Los cambios que se producirían en su vida cotidiana son variados: mejoraría su humor y su trato con quienes lo rodean y con el género humano en general; cambiaría su cara de persona apaleada por la vida y perseguida por la desgracia; potenciaría sus posibilidades de conciliar el sueño y eliminaría pesadillas recurrentes que lo despiertan cuando por fin consigue dormirse (esta circunstancia haría desaparecer las ojeras y los ojos enrojecidos), recuperaría su apetito lo que permitiría ingerir los hidratos y calorías suficientes para recuperar las decenas de kilos perdidos en los últimos meses, etc.

A veces la diferencia entre estar bien y pasarla mal depende del fragor de una buena o una mala racha, o de una buena o mala tarde de un árbitro.

En manos de Dios

En su reciente encuentro con el Papa el titular de la AFA, Julio Grondona, no sólo acompañó a la selección argentina sino que presidió una populosa delegación de 45 dirigentes, que en los sorprendidos círculos diplomáticos vaticanos fue interpretada como una demostración de poder.

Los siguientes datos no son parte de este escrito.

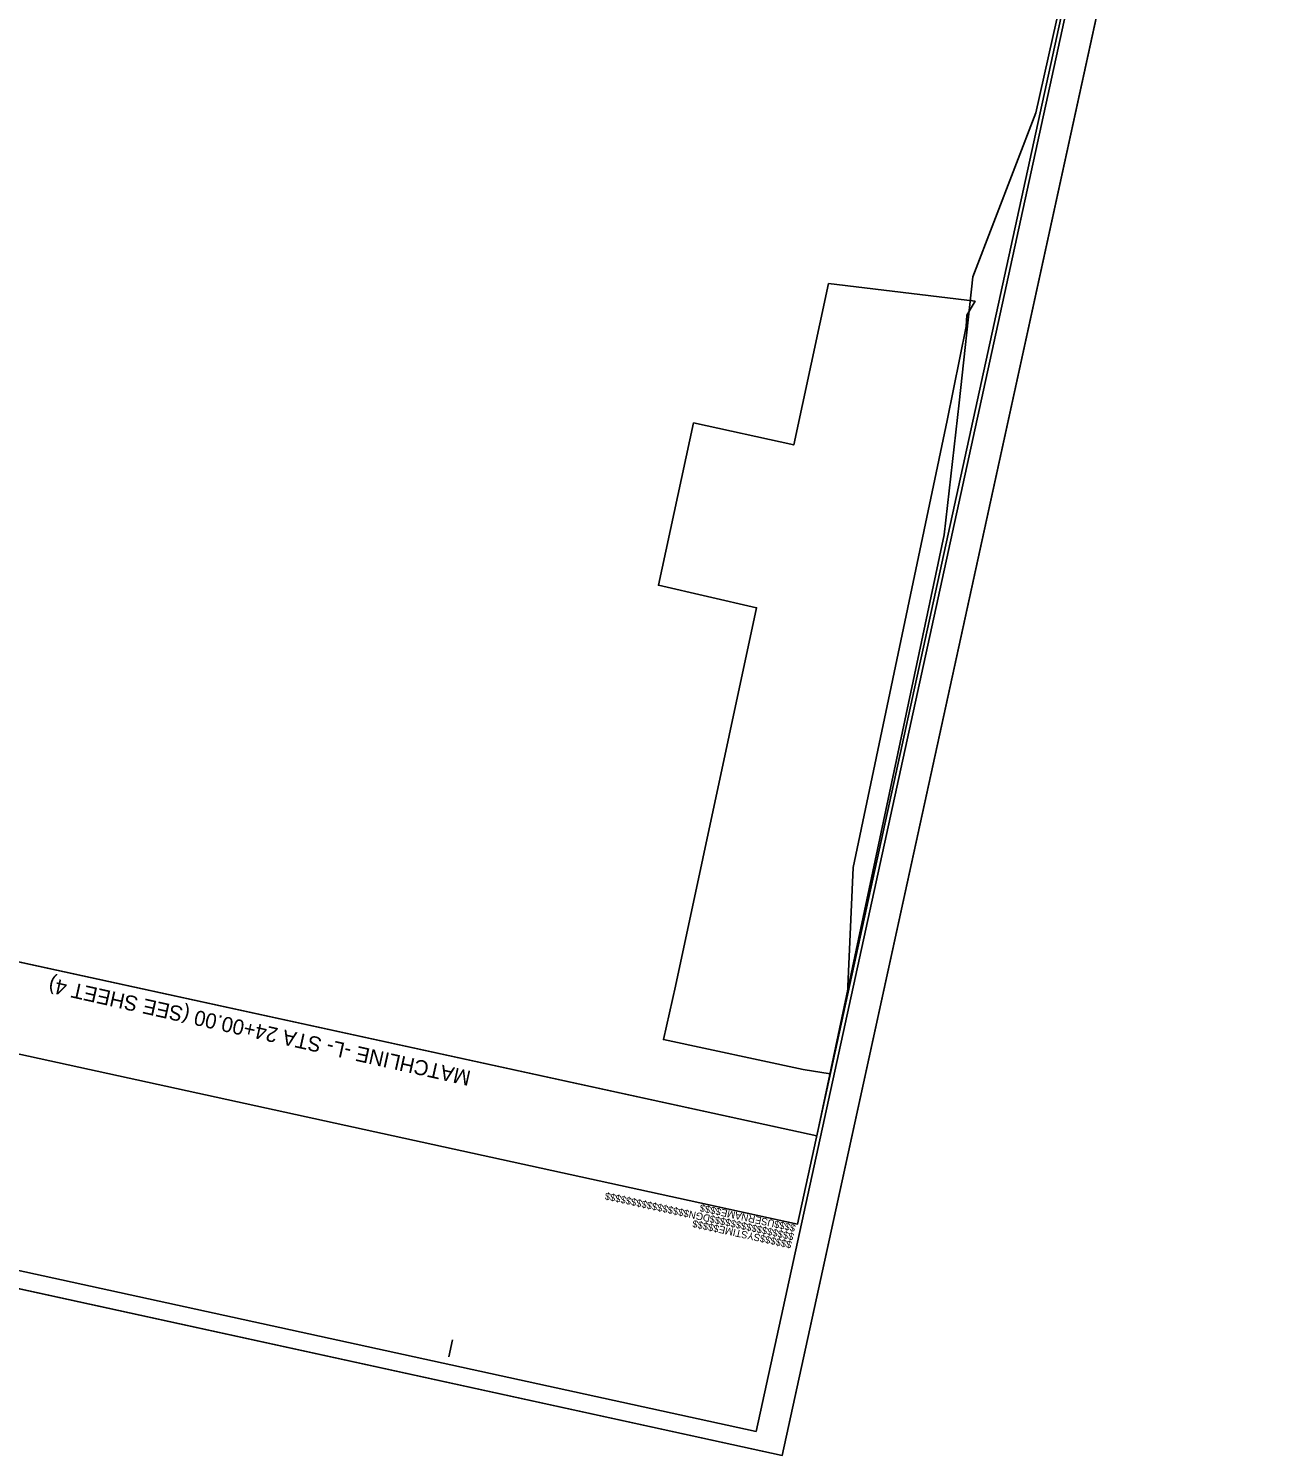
# Model space of a CAD drawing. Extents: x 1615716 to 1617263, y 900664 to 902742.
# Drawn here: x 1616355 to 1617263, y 900664 to 901703 of the extents above; entities that cross this region are included whole.
import ezdxf

# ---------------------------------------------------------------- set-up
doc = ezdxf.new("R2010")
doc.units = 0
for name, color, linetype in [('Exist Structure Minor Pipes RCP 24 Inch', 7, 'Continuous'), ('Prop CMT Slope Cut', 7, 'Continuous'), ('Prop Drainage Structure Plot Symbol 20 Scale', 7, 'Continuous'), ('Prop SS Cut Line', 7, 'Continuous'), ('Prop SS Cut Text', 7, 'Continuous'), ('Prop SS Fill Line', 7, 'Continuous'), ('Prop SS Fill Text', 7, 'Continuous'), ('Scratch_Level_0', 7, 'Continuous')]:
    doc.layers.add(name, color=color, linetype=linetype)

msp = doc.modelspace()

# ---------------------------------------------------------------- linework, layer by layer
at = {"layer": 'Exist Structure Minor Pipes RCP 24 Inch'}
msp.add_lwpolyline([(1616938.4, 900941.9), (1616918.8, 900945.1), (1616817, 900966.9), (1616825.7, 901005.7), (1616884.8, 901281.4), (1616813.3, 901297.8), (1616839, 901416), (1616911.9, 901399.9), (1616937.3, 901517.4), (1617043.9, 901504.6), (1617037.9, 901494.5), (1617037.5, 901486.3), (1617023.7, 901417.7), (1616955.2, 901092.3), (1616951, 901000.1)], close=True, dxfattribs=at)
at = {"layer": 'Prop Drainage Structure Plot Symbol 20 Scale'}
msp.add_lwpolyline([(1616850.4, 902379.9), (1617227.5, 902296.2), (1617121.4, 901790.4), (1617088.2, 901641.8), (1617042.4, 901522.3), (1617032.3, 901430.6), (1617021.4, 901334.4), (1616928.8, 900896.8), (1615902.8, 901120.3), (1615974.3, 901386.7), (1616087.7, 901888.9), (1616145.5, 901879.2), (1616184.1, 901827.5), (1616138.4, 901615), (1616150.6, 901618.1), (1616181.3, 901620.7), (1616299.2, 901764.2), (1616120.1, 901933.3), (1616161.3, 902112.5), (1616179.7, 902310.4), (1616338.6, 902281.4), (1616353.5, 902358.3)], close=True, dxfattribs=at)
at = {"layer": 'Prop SS Cut Line'}
for p, q in [((1616903.5, 900664), (1617262.7, 902309.2)), ((1615828.8, 900898.6), (1616903.5, 900664))]:
    msp.add_line(p, q, dxfattribs=at)
at = {"layer": 'Prop SS Cut Text'}
msp.add_lwpolyline([(1616209, 902534.7), (1615853.6, 900906.5), (1616884.4, 900681.5), (1617239.8, 902309.6)], close=True, dxfattribs=at)
at = {"layer": 'Prop SS Fill Line'}
msp.add_line((1616660.8, 900735.9), (1616663.5, 900748.1), dxfattribs=at)
msp.add_lwpolyline([(1616208.8, 902521.9), (1615888.9, 901056.4), (1616914.7, 900832.5), (1617234.6, 902298)], close=True, dxfattribs=at)
at = {"layer": 'Prop SS Fill Text'}
msp.add_lwpolyline([(1616188, 902543.8), (1615828.8, 900898.6), (1616903.5, 900664), (1617262.7, 902309.2)], close=True, dxfattribs=at)
at = {"layer": 'Scratch_Level_0'}
msp.add_line((1615902.8, 901120.3), (1616928.8, 900896.8), dxfattribs=at)

# ---------------------------------------------------------------- texts
at = {"layer": 'Prop CMT Slope Cut'}
msp.add_text('MATCHLINE -L- STA 24+00.00 (SEE SHEET 4)', height=11, rotation=167.4336, dxfattribs=at).set_placement((1616677.4, 900943.8))
at = {"layer": 'Prop SS Fill Line'}
for s, p in [('$$$$$$$$$$$$$$$$DGN$$$$$$$$$$$$$$$$', (1616912.4, 900825.7)), ('$$$$USERNAME$$$$', (1616913.6, 900831.9)), ('$$$$$$SYSTIME$$$$$', (1616910.9, 900819.8))]:
    msp.add_text(s, height=5.25, rotation=167.6862, dxfattribs=at).set_placement(p)

doc.saveas('drawing.dxf')

Una vez frente al pontífice, cumplió con el objetivo que lo había llevado a Roma: le pidió a Francisco una bendición especial para los estadios argentinos para que vuelva a la tranquilidad al fútbol.

La solicitud de Grondona reveló con claridad que han fracasado todos los mecanismos puestos en práctica para frenar a los violentos, incluso los más eficaces como el cepo al público visitante y la restricción de ingreso a los no socios, y que ahora se apuesta a la última opción: la intervención divina.

La idea de realizar este pedido al Papa surgió de un dirigente que se enteró por un cuñado que estudia historia, de que hace 600 años, el papa León I convenció a Atila y a su horda de hunos de que no invadieran, saquearan y quemaran Roma. “Si aquel Papa pudo bien puede el actual convencer a los barras bravas de que dejen de matarse semanalmente”, razonó un directivo.

Si Carlos Bianchi no hubiera perdido la agenda con el celular de Dios, el pedido podría haberse realizado sin la intermediación papal.